### Try it
From the listing that follows, output everything exactly except the pictures.

### Listed entries
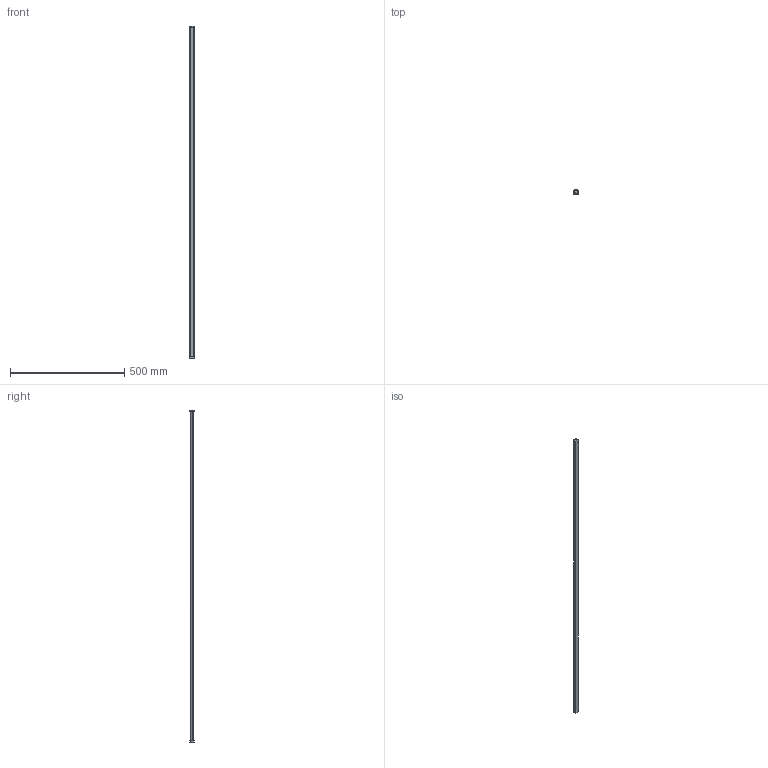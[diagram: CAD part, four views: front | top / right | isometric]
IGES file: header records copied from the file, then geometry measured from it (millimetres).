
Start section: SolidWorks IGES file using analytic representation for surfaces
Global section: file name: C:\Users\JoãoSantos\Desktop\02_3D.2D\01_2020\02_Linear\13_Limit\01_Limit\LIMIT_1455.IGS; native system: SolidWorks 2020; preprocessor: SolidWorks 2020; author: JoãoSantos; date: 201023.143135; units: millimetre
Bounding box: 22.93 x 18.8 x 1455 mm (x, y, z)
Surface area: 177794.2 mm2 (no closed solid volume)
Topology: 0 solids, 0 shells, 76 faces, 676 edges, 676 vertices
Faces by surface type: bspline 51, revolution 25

### Exercise answer
[diagram: CAD part, four views: front | top / right | isometric]
IGES file: header records copied from the file, then geometry measured from it (millimetres).
Start section: SolidWorks IGES file using analytic representation for surfaces
Global section: file name: C:\Users\JoãoSantos\Desktop\02_3D.2D\01_2020\02_Linear\13_Limit\01_Limit\LIMIT_1455.IGS; native system: SolidWorks 2020; preprocessor: SolidWorks 2020; author: JoãoSantos; date: 201023.143135; units: millimetre
Bounding box: 22.93 x 18.8 x 1455 mm (x, y, z)
Surface area: 177794.2 mm2 (no closed solid volume)
Topology: 0 solids, 0 shells, 76 faces, 676 edges, 676 vertices
Faces by surface type: bspline 51, revolution 25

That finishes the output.